The entries are to be output word for word, with the pictures omitted.
Extracted data below:
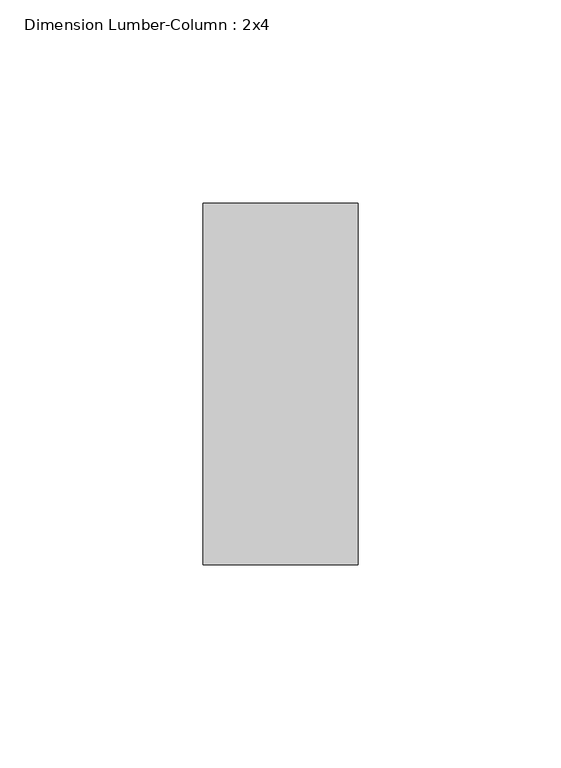
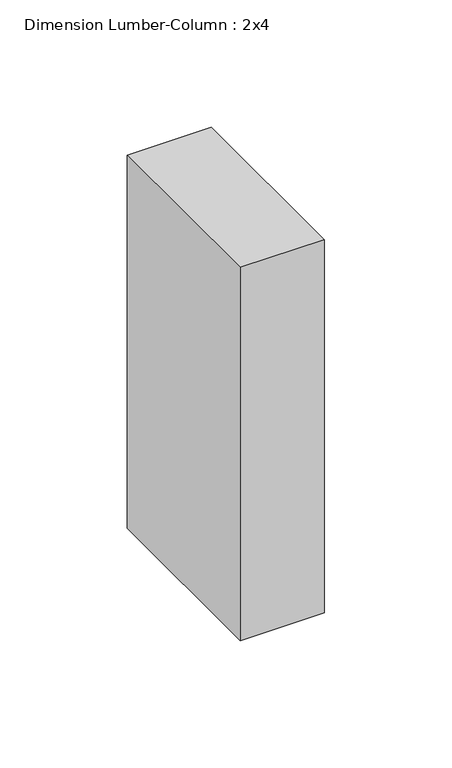
"""IFC4 building model written with IfcOpenShell, lengths in millimetres: column geometry, Dimension Lumber-Column : 2x4."""

from ifc_helpers import new_model, si_unit, frame, origin, place, context, project, spatial, polyline, outline, extrude, source, transform, mapped, element, save


def dimension_lumber_column_2x4_ba6c0a06(model_context):
    return source(origin(), model_context, "Body", "SweptSolid", [
        extrude(outline(polyline([(19.05, -44.45), (-19.05, -44.45), (-19.05, 44.45), (19.05, 44.45), (19.05, -44.45)])), frame((0.0, 0.0, 2208.609375), z_axis=(0.0, 0.0, 1.0), x_axis=(1.0, 0.0, 0.0)), (0.0, 0.0, 1.0), 178.990625),
    ])


if __name__ == "__main__":
    model = new_model("IFC4")
    model_context = context("Model", 3, world=origin())
    ifc_project = project(units=[si_unit("LENGTHUNIT", "METRE", prefix="MILLI")], contexts=[model_context])
    site = spatial("IfcSite", under=ifc_project)
    building = spatial("IfcBuilding", under=site)
    placement = place(None, origin())
    dimension_lumber_column_2x4_shape = dimension_lumber_column_2x4_ba6c0a06(model_context)
    element("IfcColumn", 1, ObjectType="Dimension Lumber-Column : 2x4", at=placement, inside=building, context=model_context, shape_type="MappedRepresentation", body=[
        mapped(dimension_lumber_column_2x4_shape, transform((0.0, 0.0, 0.0), x_axis=(1.0, 0.0, 0.0), y_axis=(0.0, 1.0, 0.0), z_axis=(0.0, 0.0, 1.0))),
    ])
    save(model, "model.ifc")

# Revit data of these elements
# Type "Dimension Lumber-Column : 2x4"
#   Int Type = "Interior"
#   Assembly Code = "B10"
#   Cost = 8.05
#   A = 0.0364583 SF
#   b = 0' - 1 1/2"
#   d = 0' - 3 1/2"
#   Structural Material [instance default] = Softwood, Lumber
# Element 1 (IfcColumn, "Dimension Lumber-Column : 2x4")
#   Structural Material = Douglas Fir #2
#   Materials on its faces: "Douglas Fir #2"
# Materials
#   "Softwood, Lumber": class "Wood", colour RGB 223 192 134, transparency 0, Description = "Pinus Echinata", Cost = 0
#   "Douglas Fir #2": class "Wood", colour RGB 223 192 134, transparency 0, Description = "Pinus Echinata", Cost = 0
End of Extracted data.
### Answer
"""IFC4 building model written with IfcOpenShell, lengths in millimetres: column geometry, Dimension Lumber-Column : 2x4."""

from ifc_helpers import new_model, si_unit, frame, origin, place, context, project, spatial, polyline, outline, extrude, source, transform, mapped, element, save


def dimension_lumber_column_2x4_ba6c0a06(model_context):
    return source(origin(), model_context, "Body", "SweptSolid", [
        extrude(outline(polyline([(19.05, -44.45), (-19.05, -44.45), (-19.05, 44.45), (19.05, 44.45), (19.05, -44.45)])), frame((0.0, 0.0, 2208.609375), z_axis=(0.0, 0.0, 1.0), x_axis=(1.0, 0.0, 0.0)), (0.0, 0.0, 1.0), 178.990625),
    ])


if __name__ == "__main__":
    model = new_model("IFC4")
    model_context = context("Model", 3, world=origin())
    ifc_project = project(units=[si_unit("LENGTHUNIT", "METRE", prefix="MILLI")], contexts=[model_context])
    site = spatial("IfcSite", under=ifc_project)
    building = spatial("IfcBuilding", under=site)
    placement = place(None, origin())
    dimension_lumber_column_2x4_shape = dimension_lumber_column_2x4_ba6c0a06(model_context)
    element("IfcColumn", 1, ObjectType="Dimension Lumber-Column : 2x4", at=placement, inside=building, context=model_context, shape_type="MappedRepresentation", body=[
        mapped(dimension_lumber_column_2x4_shape, transform((0.0, 0.0, 0.0), x_axis=(1.0, 0.0, 0.0), y_axis=(0.0, 1.0, 0.0), z_axis=(0.0, 0.0, 1.0))),
    ])
    save(model, "model.ifc")

# Revit data of these elements
# Type "Dimension Lumber-Column : 2x4"
#   Int Type = "Interior"
#   Assembly Code = "B10"
#   Cost = 8.05
#   A = 0.0364583 SF
#   b = 0' - 1 1/2"
#   d = 0' - 3 1/2"
#   Structural Material [instance default] = Softwood, Lumber
# Element 1 (IfcColumn, "Dimension Lumber-Column : 2x4")
#   Structural Material = Douglas Fir #2
#   Materials on its faces: "Douglas Fir #2"
# Materials
#   "Softwood, Lumber": class "Wood", colour RGB 223 192 134, transparency 0, Description = "Pinus Echinata", Cost = 0
#   "Douglas Fir #2": class "Wood", colour RGB 223 192 134, transparency 0, Description = "Pinus Echinata", Cost = 0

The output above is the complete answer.